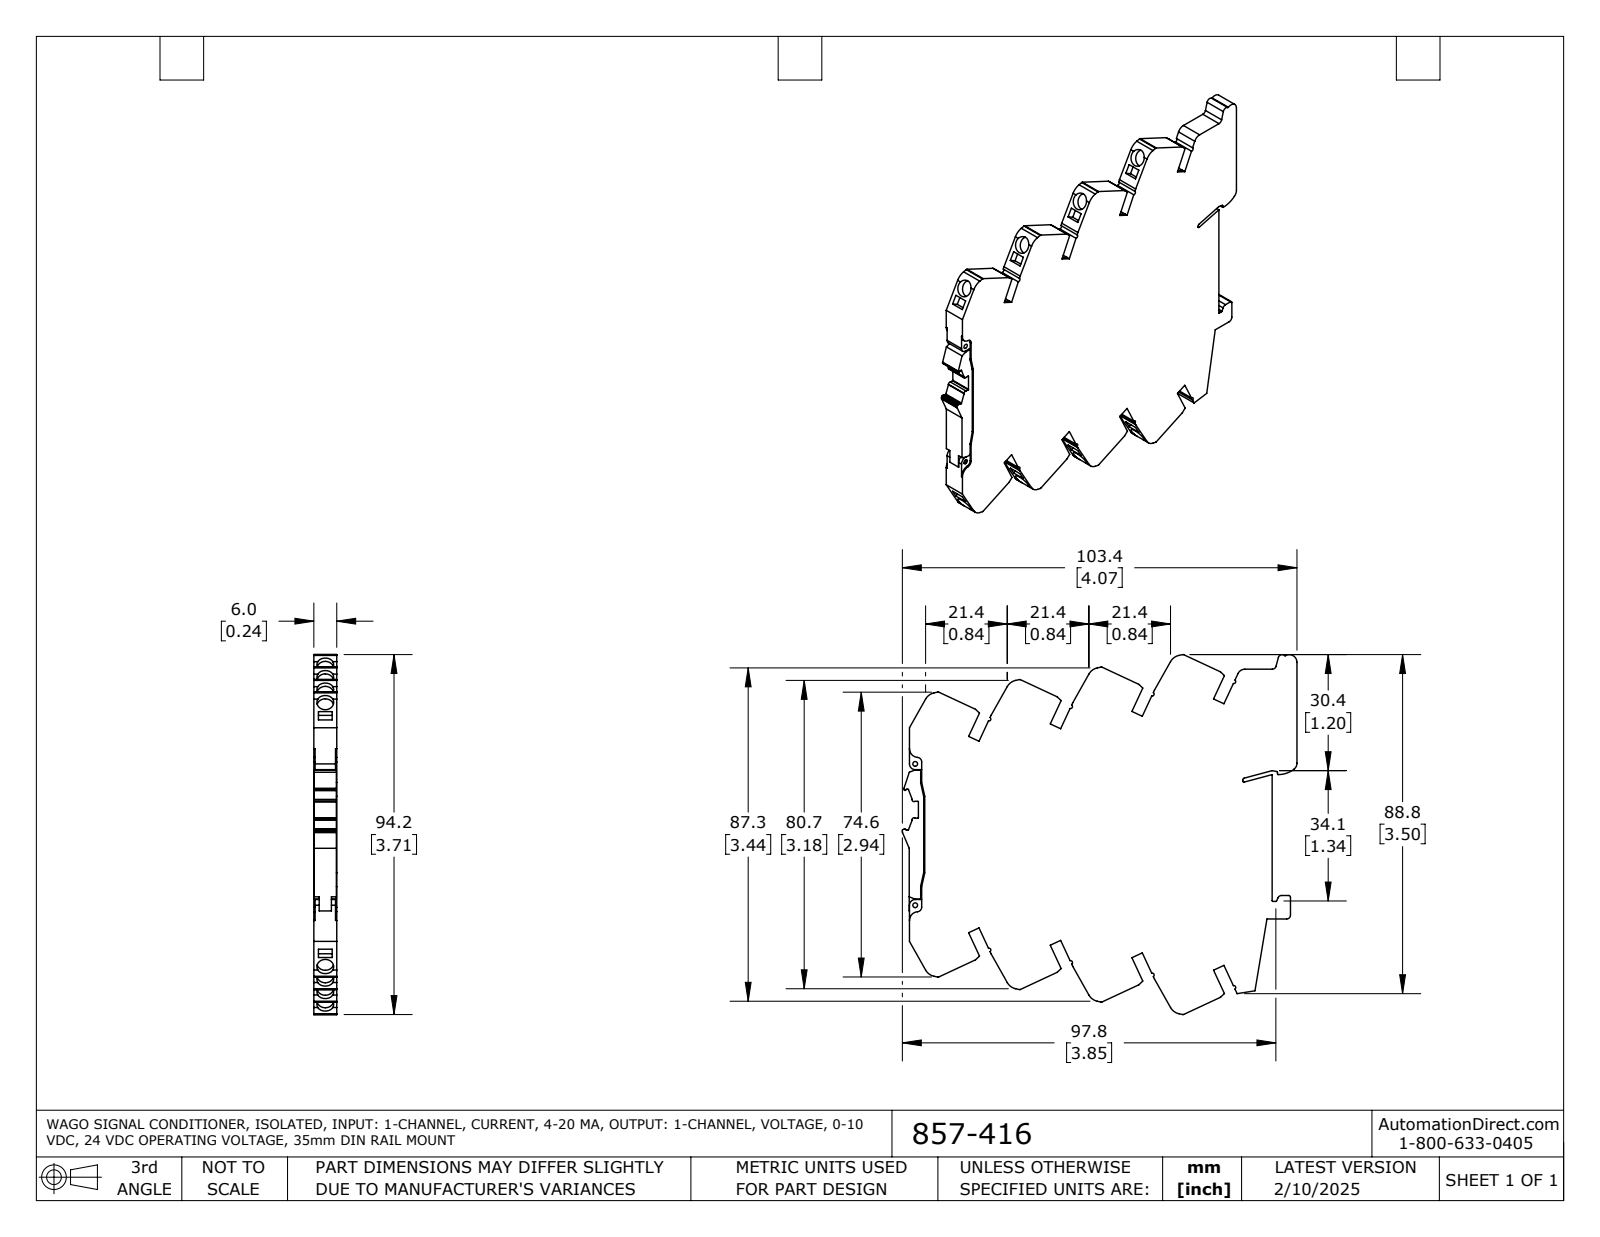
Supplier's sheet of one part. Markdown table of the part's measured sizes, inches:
| quantity | value |
| --- | --- |
| part name | 857-416 |
| STEP written by | SolidWorks 2021 (AUTOMOTIVE_DESIGN) |
| units | inches |
| bodies | 1 solid, 317 faces (219 planar, 98 cylindrical, 0 other) |
| overall size | 4.069 × 3.711 × 0.236 |
| volume | 2.681 in³ |
| surface area | 29.86 in² |
| round holes (diameter × count) | 0.173 × 8, 0.049 × 2 |
| partial cylindrical surfaces (radius × count) | 0.02 × 12, 0.008 × 11, 0.016 × 8, 0.132 × 8, 0.039 × 4, 0.012 × 3, 0.079 × 3, 0.018 × 2 |
| main face-to-face distances | 0.236, 0.708, 0.67, 0.473, 0.232, 0.472, 0.118, 0.945, 1.417, 0.256 |
| hole center spacings | 0.526, 0.525, 1.051, 1.051, 1.052, 1.457, 1.576, 1.577 |
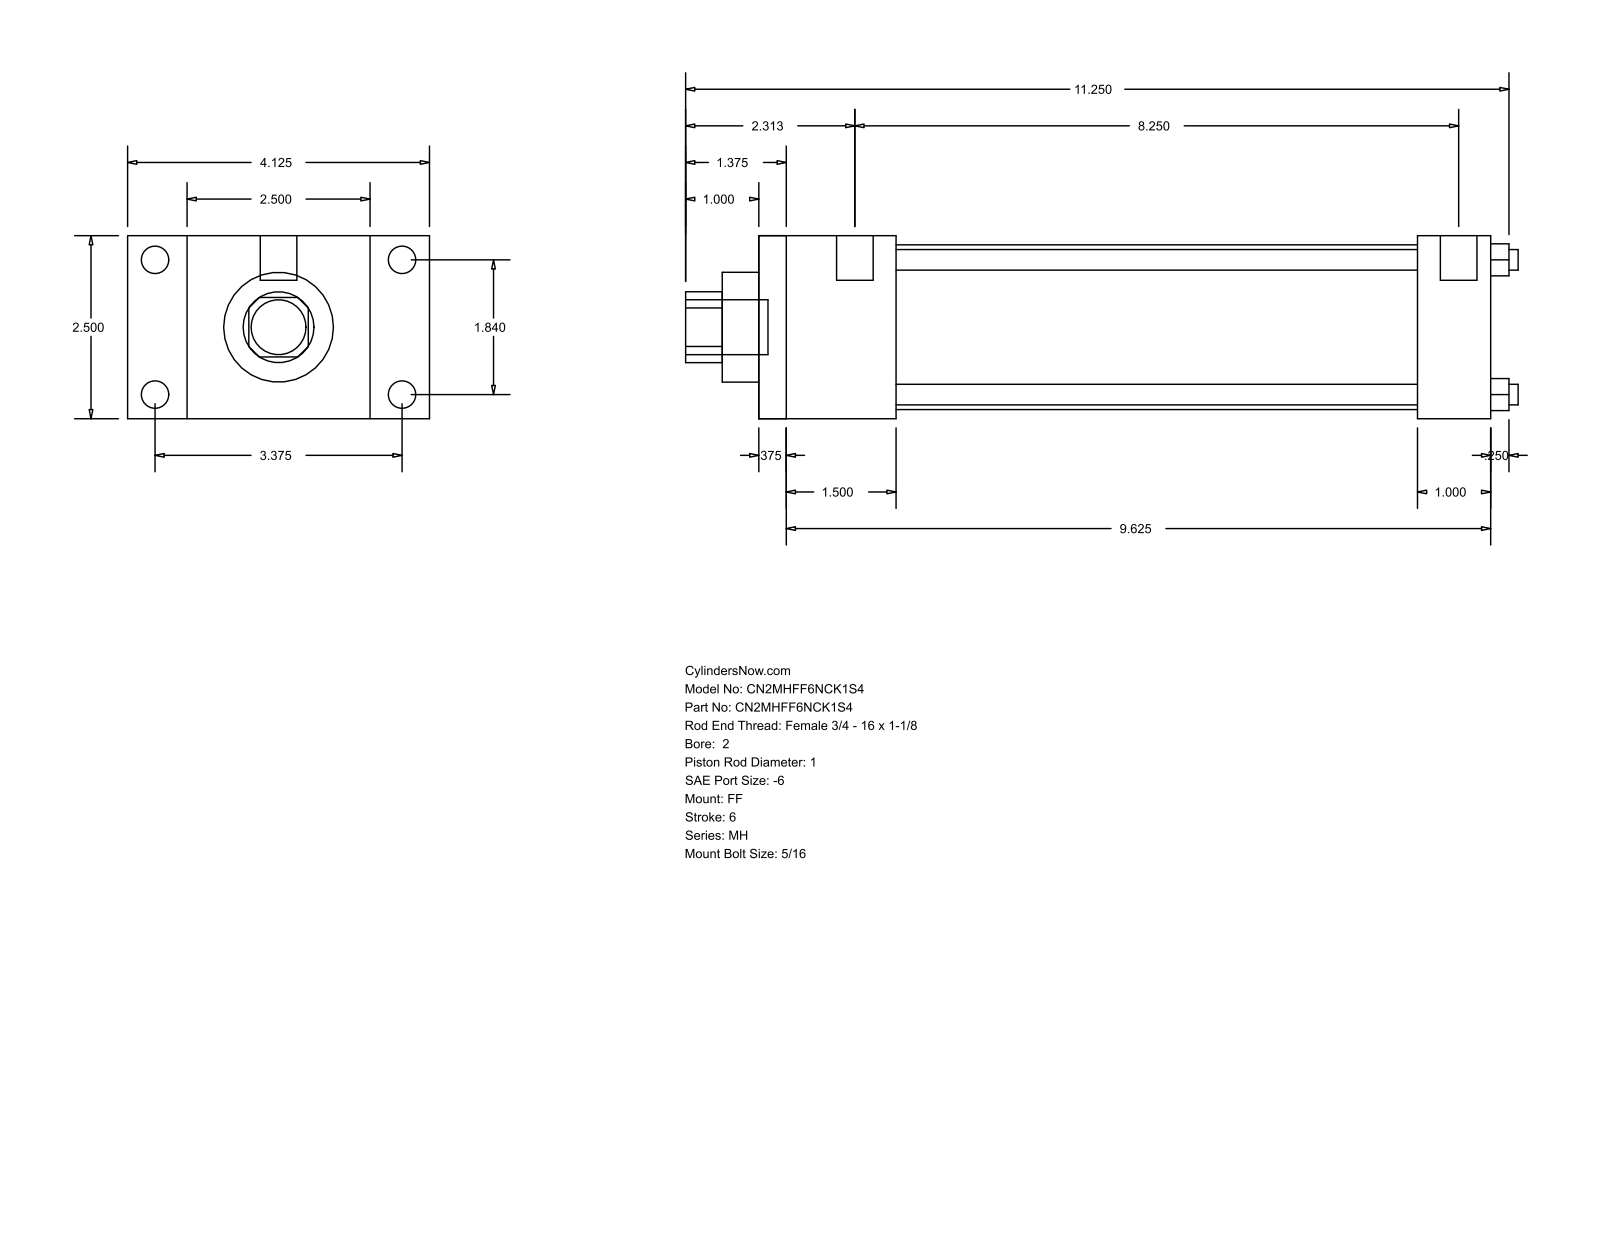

※

**Task instructions**
An exact copy of the listing above is to be set down, with no pictures in it.

**Written answer**
Supplier's sheet of one part. Markdown table of the part's measured sizes, inches:
| quantity | value |
| --- | --- |
| part name | 857-416 |
| STEP written by | SolidWorks 2021 (AUTOMOTIVE_DESIGN) |
| units | inches |
| bodies | 1 solid, 317 faces (219 planar, 98 cylindrical, 0 other) |
| overall size | 4.069 × 3.711 × 0.236 |
| volume | 2.681 in³ |
| surface area | 29.86 in² |
| round holes (diameter × count) | 0.173 × 8, 0.049 × 2 |
| partial cylindrical surfaces (radius × count) | 0.02 × 12, 0.008 × 11, 0.016 × 8, 0.132 × 8, 0.039 × 4, 0.012 × 3, 0.079 × 3, 0.018 × 2 |
| main face-to-face distances | 0.236, 0.708, 0.67, 0.473, 0.232, 0.472, 0.118, 0.945, 1.417, 0.256 |
| hole center spacings | 0.526, 0.525, 1.051, 1.051, 1.052, 1.457, 1.576, 1.577 |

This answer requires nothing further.